# Goat proof plants



## freedomfrom4 (Jul 27, 2009)

We moved into a new house that has lots of flower beds. We like to let the goats out some times but ya know a herd of goats is hard to deter off 100+ feet of yummyness. Right now when the goats get loose they think the flower beds are thier own personal smorgasbord. So I need plants that won't kill the goats, but taste real bad to them. If it gets to be august and the goats devour my hubbys pretty flowers after a seasons long of hard work he might require a sacrifice.  I know that when we had lots of deer they wouldn't eat the Daliah's, but loved Calla lilly's so there has to be stuff that the goats won't eat too. 

Oh and there are so many plants around. I'm not even able to identify most of them. How do I figure out what is poisonous to the goats and what isn't?


----------



## suzyhomemaker09 (Sep 24, 2004)

There are lists of plants that are poisonous to goats all over the Internets 

As far as something a goat won't eat? I do not think there is such a thing....

you can start your list here



http://www.fiascofarm.com/goats/poisonousplants.htm


----------



## motdaugrnds (Jul 3, 2002)

You may wind up having to do what we did, i.e. choose a type of fencing that looks good with your house but that a goat will not (cannot) get over or stick its head through. 

We let our "small" herd of dairy goats roam over the entire place (parameter completely fenced) and, instead of fencing in the goats, we put fencing around what we don't want them to touch.


----------



## starletblue (May 3, 2013)

We have Calla Lilies and our goats leave them completely alone. That's about the only thing they don't touch on our property!


----------



## Alice In TX/MO (May 10, 2002)

Welded metal plants.


----------



## K Epp (Jan 7, 2013)

Mine haven't touched the Calla Lilly, Peony, Hosta, Amaryllis, Iris or Day Lilly.
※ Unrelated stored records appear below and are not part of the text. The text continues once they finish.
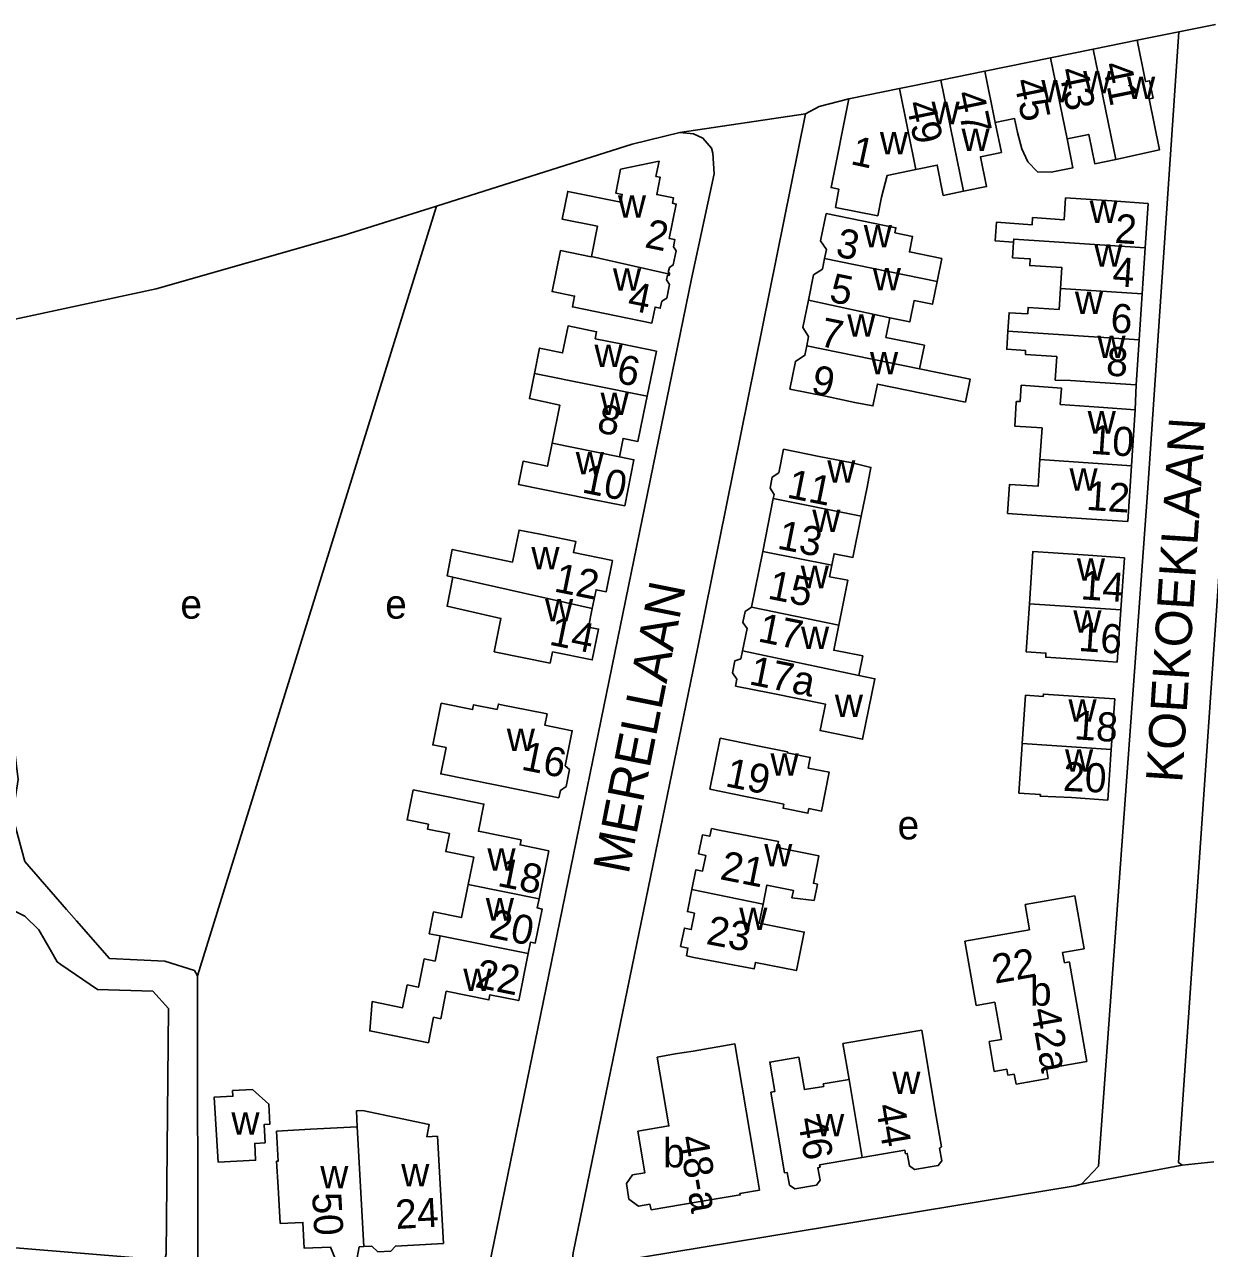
# Model space of a CAD drawing. Extents: x 161775 to 163181, y 382878 to 383925.
# Drawn here: x 162163.3 to 162326.2, y 383633.7 to 383801.9 of the extents above; entities that cross this region are included whole.
import ezdxf

# ---------------------------------------------------------------- set-up
doc = ezdxf.new("R2010")
doc.units = 0
for name, color, linetype in [('BLT_Basislijn', 7, 'Continuous'), ('BLT_Bebouwing', 7, 'Continuous'), ('BLT_Centroide', 7, 'Continuous'), ('BLT_Huisnummer', 7, 'Continuous'), ('BLT_Huisnummer_ tussenligend', 7, 'Continuous'), ('BLT_Huisnummer_reeks', 7, 'Continuous'), ('BLT_Onderverdeling_panden', 7, 'Continuous'), ('BLT_Straatnaam', 7, 'Continuous'), ('BLT_Vlakafsluiter', 7, 'Continuous')]:
    doc.layers.add(name, color=color, linetype=linetype)

msp = doc.modelspace()

# ---------------------------------------------------------------- linework, layer by layer
at = {"layer": 'BLT_Basislijn'}
for p, q in [((162326.99, 383801.92), (162321.95, 383800.9)), ((162321.95, 383800.9), (162316.24, 383799.75)), ((162187.11, 383671.22), (162219.96, 383776.97)), ((162170.49, 383678.78), (162169.13, 383680.34)), ((162322.41, 383645.2), (162326.76, 383645.67))]:
    msp.add_line(p, q, dxfattribs=at)
for points in [[(162308.59, 383642.58), (162310.93, 383645.06), (162317.65, 383737.57), (162321.95, 383800.9)], [(162332.57, 383800.52), (162321.93, 383645.55), (162322.41, 383645.2)], [(162276.6, 383791.69), (162272.55, 383790.66), (162270.68, 383789.66)], [(162270.68, 383789.66), (162255.88, 383716.38), (162238.73, 383633.15), (162238.63, 383632.29), (162239.4, 383631.2), (162239.65, 383631.12)], [(162219.96, 383776.97), (162246.85, 383785.46), (162253.37, 383787.08)], [(162253.37, 383787.08), (162255.28, 383786.89), (162256.55, 383786.29), (162257.73, 383784.92), (162257.93, 383784.25), (162258.12, 383781.4), (162255, 383766.97), (162226.71, 383629.13), (162226.42, 383628.54)], [(162102.02, 383748.52), (162181.43, 383765.6), (162207.15, 383772.92), (162219.96, 383776.97)], [(162169.13, 383680.34), (162163.39, 383686.91), (162161.7, 383693.18), (162162.49, 383698.2), (162161.98, 383702.31), (162161, 383704.58), (162159.09, 383706.49), (162157.08, 383707.35), (162153.9, 383707.67), (162149.76, 383706.55), (162146.32, 383703.31), (162144.87, 383699.97), (162144.59, 383697.88), (162144.59, 383694.14), (162145.03, 383691.88), (162145.56, 383690.51), (162147.53, 383686.82), (162151.19, 383683.64), (162153.1, 383682.64), (162156.29, 383681.62), (162160.84, 383680.7), (162163.39, 383679.4), (162165.31, 383677.52), (162166.85, 383674.82)], [(162187.11, 383671.22), (162186.68, 383671.92), (162182.61, 383673.22), (162175, 383673.61), (162170.49, 383678.78)], [(162166.85, 383674.82), (162167.81, 383673.13), (162168.35, 383672.76)], [(162168.35, 383672.76), (162173.38, 383669.31), (162180.96, 383669.11), (162183.12, 383666.7), (162182.8, 383632.96), (162182.64, 383632.33), (162180.48, 383632.31), (162130.35, 383636.45), (162102.58, 383636.62)], [(162187.15, 383627.23), (162187.11, 383671.22)], [(162239.65, 383631.12), (162307.7, 383642.34), (162308.59, 383642.58)]]:
    msp.add_lwpolyline(points, dxfattribs=at)
at = {"layer": 'BLT_Bebouwing'}
for p, q in [((162316.24, 383799.75), (162310.2, 383798.53)), ((162310.2, 383798.53), (162304.34, 383797.34)), ((162304.34, 383797.34), (162295.31, 383795.49)), ((162295.31, 383795.49), (162289.26, 383794.26)), ((162283.57, 383793.11), (162276.6, 383791.69)), ((162289.26, 383794.26), (162283.57, 383793.11)), ((162317.34, 383771.25), (162317.74, 383777.34)), ((162317.34, 383771.25), (162316.92, 383764.89)), ((162316.92, 383764.89), (162316.51, 383758.61)), ((162316.1, 383752.4), (162316.51, 383758.61)), ((162248.91, 383750.84), (162250.17, 383757.02)), ((162315.45, 383741.3), (162315.97, 383748.99)), ((162314.93, 383733.62), (162315.45, 383741.3)), ((162264.78, 383729.53), (162266.23, 383736.77)), ((162263.22, 383721.84), (162264.78, 383729.53)), ((162313.99, 383721.49), (162314.48, 383728.66)), ((162313.5, 383714.32), (162313.99, 383721.49)), ((162312.68, 383702.31), (162313.15, 383709.25)), ((162258.91, 383703.85), (162257.5, 383696.84)), ((162312.21, 383695.36), (162312.68, 383702.31)), ((162234.05, 383681.79), (162235.39, 383688.4)), ((162300.84, 383681.02), (162307.65, 383682.21)), ((162307.65, 383682.21), (162308.93, 383674.92)), ((162301.45, 383677.54), (162300.84, 383681.02)), ((162292.55, 383675.98), (162301.45, 383677.54)), ((162294.1, 383667.13), (162292.55, 383675.98)), ((162308.93, 383674.92), (162305.99, 383674.41)), ((162305.99, 383674.41), (162306.24, 383673)), ((162306.24, 383673), (162306.91, 383673.12)), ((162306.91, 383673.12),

Occasionally eat blooms of Petunias. I put chicken wire around the frame that I use on the Peony to keep them from falling over, but that was to keep the chickens from eating the shoots as they come up. I didn't do a lot of planting this year because I didn't want to waste the money on them eating it. I planted several pot and that way I can rotate them. Now they ate every leaf of my hibiscus. I moved out side the gate of my fenced in yard. So now the gate is decorated instead of the porch. I have found I can spray them with the hose and break them from certain areas, but you have to stay on top of it. I wonder if there is a motion censored water source you could use to protect the beds?


----------



## bcadybug (Jul 2, 2009)

lol.... Alice..... that made me giggle!

They eat everything at my place...... therefore I have no landscaping to speak of. Gardens are fenced to keep critters out.

Val


----------



## where I want to (Oct 28, 2008)

So far they haven't eaten Douglas Iris, big redwood trees (they eat the bark and leaves of the small one) and ................ I'm sure there must have been something else........yes- english daisies.


----------



## Grayson6711 (Apr 7, 2013)

Mine don't eat the wild calla Lilly's that are all over.


----------



## KSALguy (Feb 14, 2006)

if you let the goats out then fence in the plants,


----------



## Alice In TX/MO (May 10, 2002)

These are goat proof.


----------



## BackfourtyMI. (Sep 3, 2007)

Alice I Love that metal Flower Art, so Cool!

I have a lot of flower beds, tons of flowers & bushes & I don't want the goats eating my landscaping because so many of them can make them sick & I like them.
I say put up fencing so the goats can't get to your flower beds.


----------



## Cygnet (Sep 13, 2004)

They don't seem to touch the wild chrysanthemums (which look like little daisies) around here, but there's lots of other things to eat.

Bet they'd leave lantana alone -- elk do.


----------



## Whisperwindkat (May 28, 2009)

Mine won't eat lemon balm, catnip nor peppermint. Everything else is fair game. They completely wiped out my daffodils that grow along the driveway and day lilies were eaten to the ground.


----------